§ EXERCISE BRIEF
Write down each entry again, exactly as it reads.

===== MATERIAL FOR THIS TASK =====

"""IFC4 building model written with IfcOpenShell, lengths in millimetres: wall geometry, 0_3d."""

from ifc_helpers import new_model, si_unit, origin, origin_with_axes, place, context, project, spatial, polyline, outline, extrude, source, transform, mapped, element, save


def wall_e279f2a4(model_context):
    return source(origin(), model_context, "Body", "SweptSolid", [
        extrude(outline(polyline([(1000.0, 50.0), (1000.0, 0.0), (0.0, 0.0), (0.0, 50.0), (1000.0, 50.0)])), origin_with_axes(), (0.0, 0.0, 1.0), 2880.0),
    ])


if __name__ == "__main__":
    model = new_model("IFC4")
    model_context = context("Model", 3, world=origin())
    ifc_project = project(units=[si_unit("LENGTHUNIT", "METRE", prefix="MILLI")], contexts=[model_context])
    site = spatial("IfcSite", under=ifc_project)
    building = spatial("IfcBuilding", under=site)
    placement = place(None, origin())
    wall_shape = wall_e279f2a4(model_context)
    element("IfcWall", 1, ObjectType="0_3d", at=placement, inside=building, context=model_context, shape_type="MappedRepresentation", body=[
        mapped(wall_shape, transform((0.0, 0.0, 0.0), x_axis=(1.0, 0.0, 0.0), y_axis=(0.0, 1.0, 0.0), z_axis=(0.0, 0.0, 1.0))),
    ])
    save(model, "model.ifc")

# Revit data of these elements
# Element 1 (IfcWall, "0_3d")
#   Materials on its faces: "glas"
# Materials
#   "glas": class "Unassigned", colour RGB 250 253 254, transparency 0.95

=====

§ WRITTEN REPLY
"""IFC4 building model written with IfcOpenShell, lengths in millimetres: wall geometry, 0_3d."""

from ifc_helpers import new_model, si_unit, origin, origin_with_axes, place, context, project, spatial, polyline, outline, extrude, source, transform, mapped, element, save


def wall_e279f2a4(model_context):
    return source(origin(), model_context, "Body", "SweptSolid", [
        extrude(outline(polyline([(1000.0, 50.0), (1000.0, 0.0), (0.0, 0.0), (0.0, 50.0), (1000.0, 50.0)])), origin_with_axes(), (0.0, 0.0, 1.0), 2880.0),
    ])


if __name__ == "__main__":
    model = new_model("IFC4")
    model_context = context("Model", 3, world=origin())
    ifc_project = project(units=[si_unit("LENGTHUNIT", "METRE", prefix="MILLI")], contexts=[model_context])
    site = spatial("IfcSite", under=ifc_project)
    building = spatial("IfcBuilding", under=site)
    placement = place(None, origin())
    wall_shape = wall_e279f2a4(model_context)
    element("IfcWall", 1, ObjectType="0_3d", at=placement, inside=building, context=model_context, shape_type="MappedRepresentation", body=[
        mapped(wall_shape, transform((0.0, 0.0, 0.0), x_axis=(1.0, 0.0, 0.0), y_axis=(0.0, 1.0, 0.0), z_axis=(0.0, 0.0, 1.0))),
    ])
    save(model, "model.ifc")

# Revit data of these elements
# Element 1 (IfcWall, "0_3d")
#   Materials on its faces: "glas"
# Materials
#   "glas": class "Unassigned", colour RGB 250 253 254, transparency 0.95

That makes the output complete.